Meline (p. 151-167).

XII

Confession.


« Huit jours s’écoulèrent sans que j’eusse aucune nouvelle de Gabriel ; enfin, le matin du huitième jour amena une lettre de lui.

« Il était arrivé à Paris, avait été installé, disait-il, chez son banquier, et demeurait, en attendant, dans un petit hôtel de la rue des Vieux-Augustins.

« Puis, venait une description de Paris, de l’effet que la capitale avait produit sur lui.

« Il était ivre de joie.

« Un post-scriptum m’annonçait que dans trois mois je partagerais son bonheur.
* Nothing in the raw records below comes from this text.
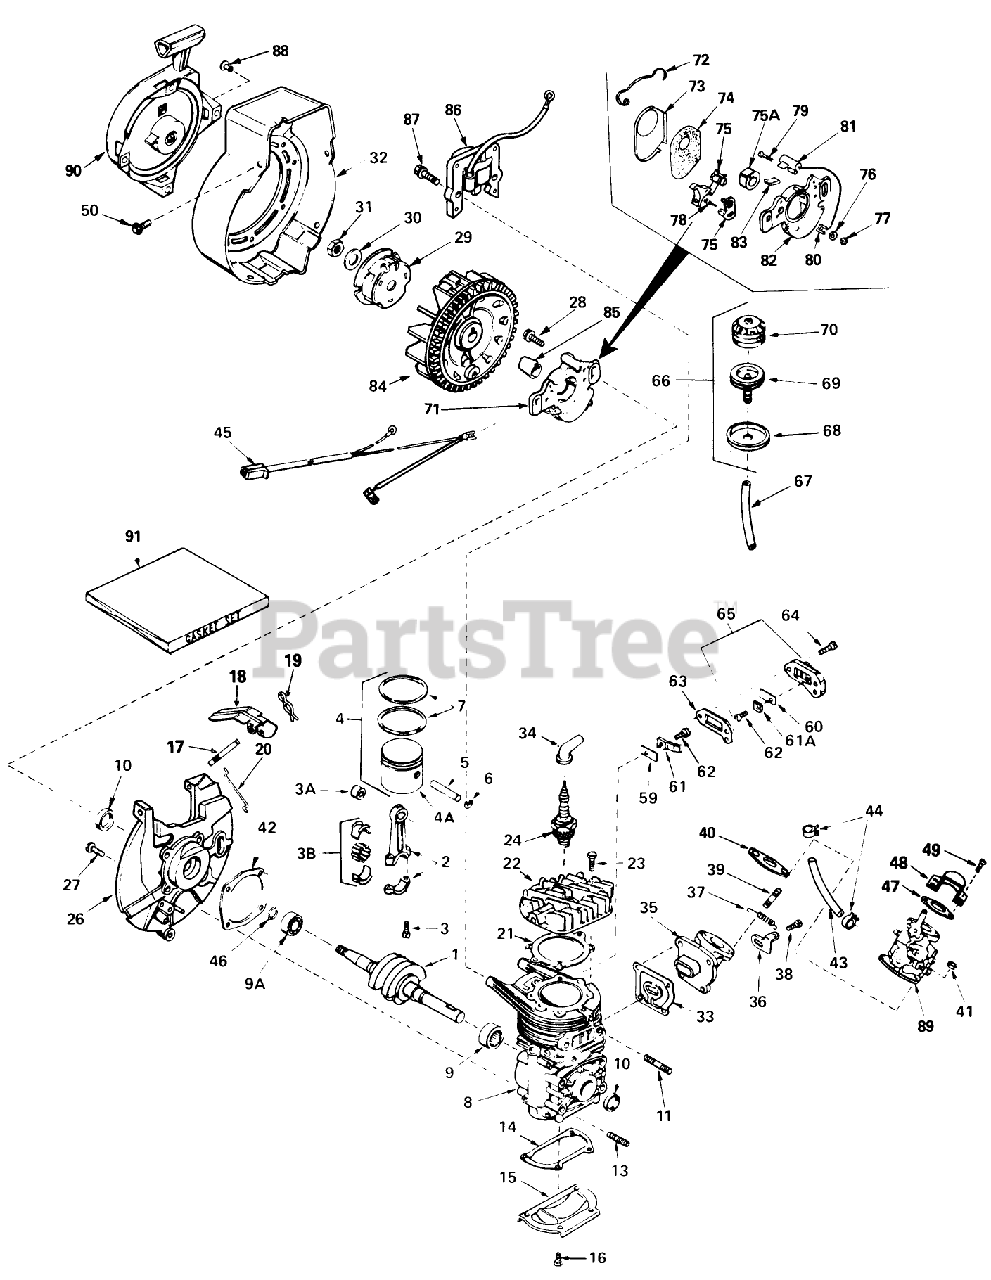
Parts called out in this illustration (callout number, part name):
1	Crankshaft
2	Rod Assembly, Connecting (Incl. #3, 3A 3B)
3	Bolt-Rod, Connecting
3A	Bearing-Cartridge
3B	Bearing Liner Set Needle
4	Piston, Pin Ring Assy. (Incl. Ref. #6 thru 9)
4A	Piston
5	Pin, Piston
6	Ring-Retaning
7	Ring Set
9	Bearing-Cartridge
9A	Bearing-Ball
10	Seal-Oil
11	Stud, Exhaust
14	Gasket, Cover
15	Plate, Cover
16	Screw (T-25, 10-24 x 1/2)
17	Shaft, Air Vane
18	Vane Assy., Air
19	Clip,Air Vane
20	Link-Governor
21	Gasket, Head
22	Head-Cylinder
23	Screw (T-30, 1/4-20 x 3/4)
24	Head Adjustment Knob
26	Base Assy., Blowerr Housing (Incl. Ref. #10 17)(used on type 1603, 1603A 1603B)
27	Screw
28	Screw, Hex Washer Hd.
29	Cup-Starter
30	Washer-Spring
31	Nut-Flywheel
32	Housing-Blower
33	Gasket, Port
34	Cover-Spark Plug
35	Elbow Assy., Adapter
36	Lever, Adjusting
37	Spring, Adjusting Lever
38	Screw
39	Stud Carburetor
40	Gasket, Carburetor
41	Locknut
42	Gasket, Shroud Base
43	Line-Fuel
44	Clamp-Line, Fuel
45	Harness, Wire
46	Ring, Retaining
47	Gasket
48	Baffle-Carburetor
49	Screw
50	Screw-Hex, Hd.
59	Reed, Compression Release
60	Reed, Compression Release
61	Plate, Reed Hold Down
61A	Plate, Reed Hold Down
62	Screw
63	Gasket, Compression Release
64	Screw
65	Cover Assy., Compression release (Incl. Nos. 60, 61A 62)
66	Primer Assy.
67	Line, Primer
68	Retainer, Primer Bulb
69	Body, Primer
70	Bulb-Primer
71	Stator Plate Assy. (incl. Nos. 107, 111 thru 118 120)
72	Spring Breaker Box
73	Cover-Dust
74	Gasket Dust
75	Breaker Assy.
75A	Cam, Breaker
76	Washer
77	DECAL
78	Breaker Screw
79	Condenser Screw
80	Terminal, Ground
81	Condenser
82	Stator Plate
83	Felt,Cam Wiper
84	FIywheel
85	SHIELD
86	Lamination Coil Assy. (Incl. No. 42)
87	Screw
88	Rivet, Pop (3/16" dia.)(Can be purchased locally)
89	Carburetor (Incl. Ref. #40)
90	Starter-Rewind
91	Gasket Set (Incl. items marked *)
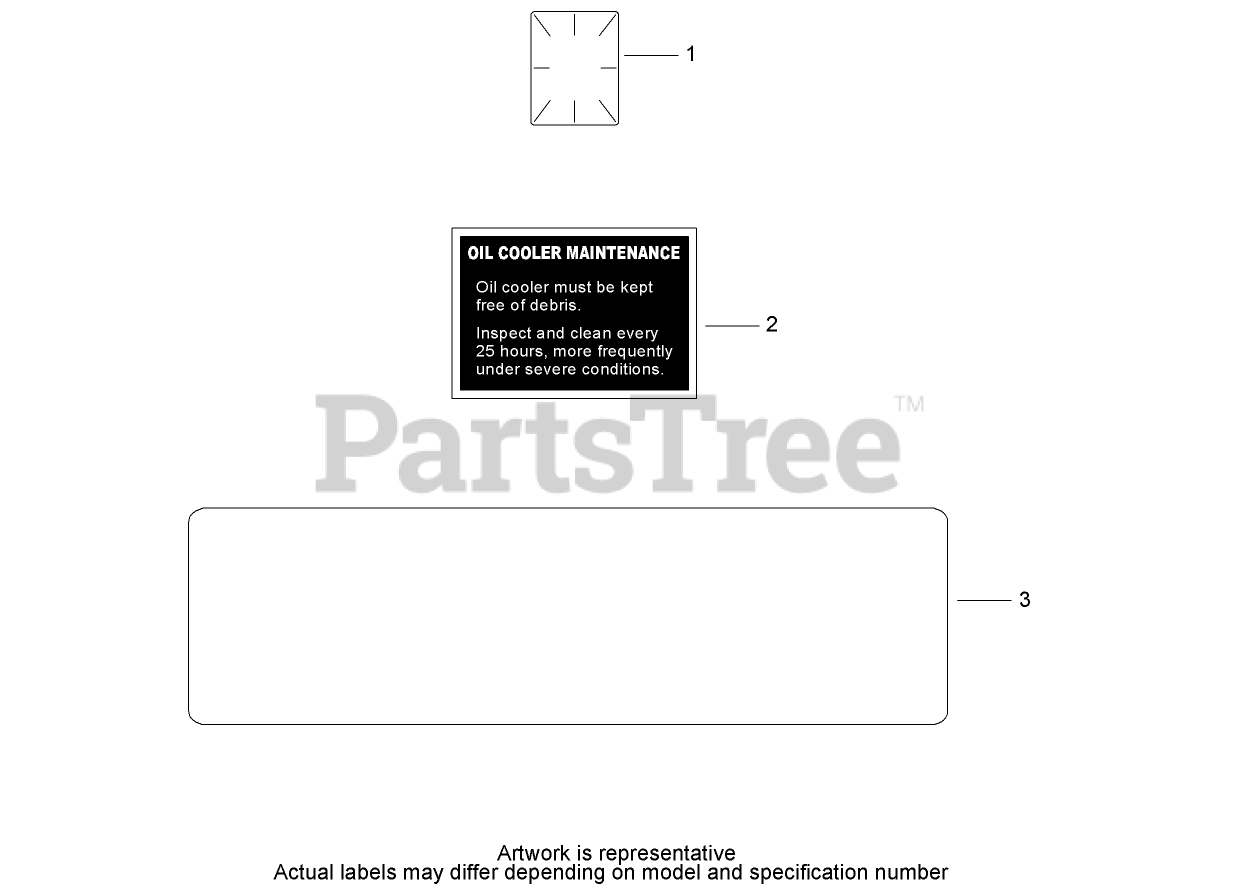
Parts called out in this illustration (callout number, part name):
1	DECAL-LAMINATE, CLEAR
2	DECAL-COOLER, OIL
3	Decal-25 HP
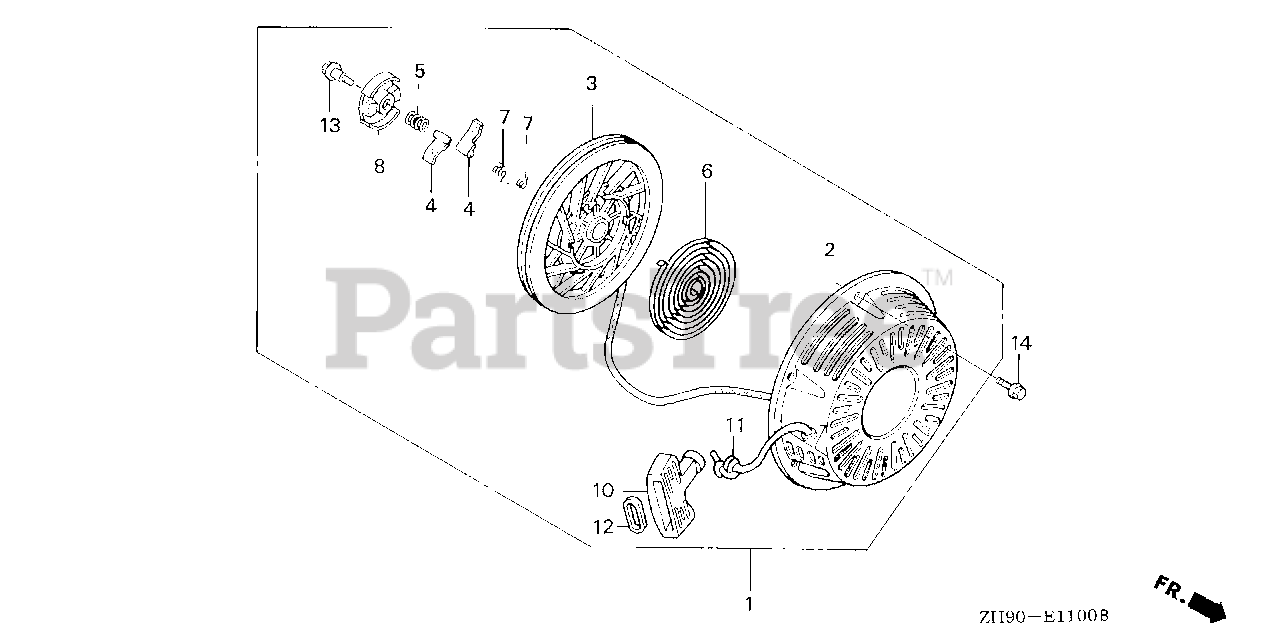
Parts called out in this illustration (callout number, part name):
1	STARTER ASSY., RECOIL *NH1* (BLACK)
1	STARTER ASSY., RECOIL *R280* (POWER RED)
2	CASE, RECOIL STARTER *R8* (BRIGHT RED)
2	CASE, RECOIL STARTER *NH1* (BLACK)
2	CASE, RECOIL STARTER *R280* (POWER RED)
3	PULLEY, RECOIL STARTER
4	RATCHET, STARTER
5	SPRING, FRICTION
6	SPRING, STARTER RETURN
7	SPRING, RATCHET
8	RETAINER, SPRING
10	GRIP, STARTER
11	ROPE, RECOIL STARTER
12	REINFORCEMENT, GRIP
13	SCREW, CENTER
14	BOLT, FLANGE (6X10)
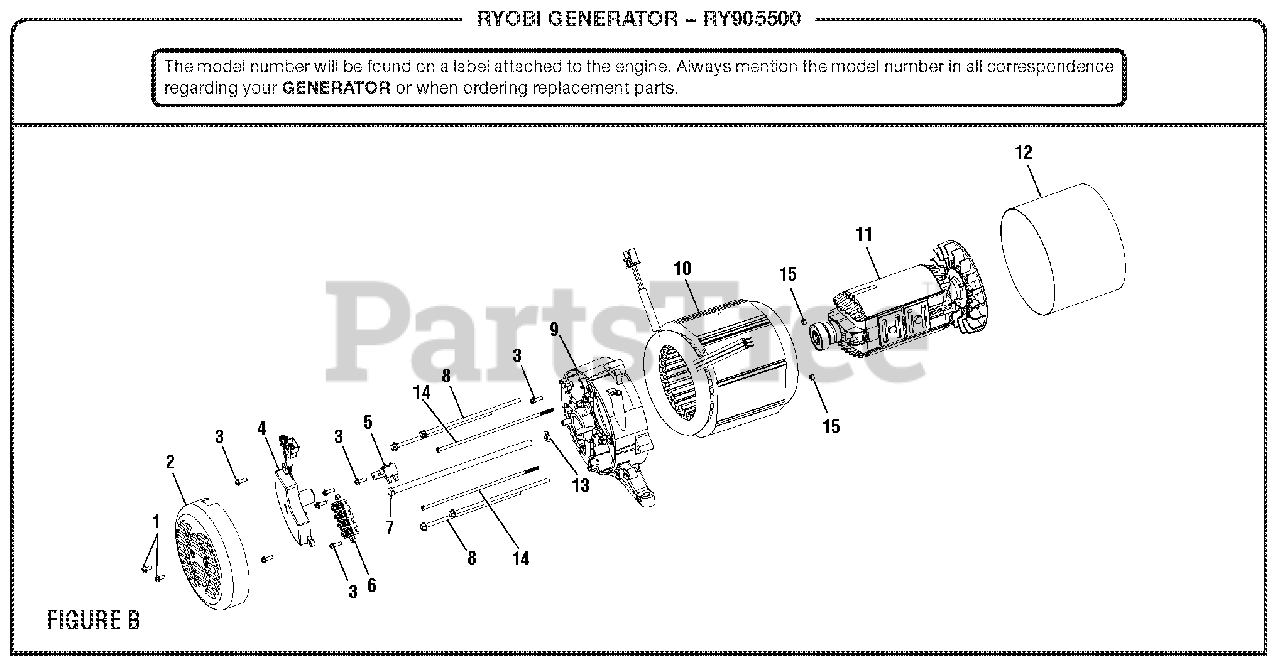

« Au lieu de me tranquilliser, cette lettre m’attrista profondément ; et cela sans que je pusse comprendre pourquoi.

« Je sentais qu’un malheur planait au-dessus de ma tête et était prêt à s’abattre sur moi.

« Je lui répondis cependant comme si j’étais joyeuse de sa joie ; j’avais l’air de croire à cet avenir qu’il me promettait, et qu’une voix intérieure me criait n’être point fait pour moi.

« Quinze jours après, je reçus une seconde lettre. Celle-là me trouva dans les larmes.

« Hélas ! si Gabriel ne tenait pas sa promesse envers moi, j’étais une fille déshonorée. Dans huit mois j’allais être mère.

« Je balançai quelque temps pour savoir si j’annoncerais cette nouvelle à Gabriel.

« Mais je n’avais que lui au monde à qui je pusse me confier. D’ailleurs il était de moitié dans ma faute, et si quelqu’un me soutenait il était juste que ce fût lui.

« Je lui répondis donc de hâter autant qu’il le pourrait l’instant de notre réunion, en lui disant qu’à l’avenir ses efforts auraient pour but non-seulement noire bonheur, mais encore celui de notre enfant.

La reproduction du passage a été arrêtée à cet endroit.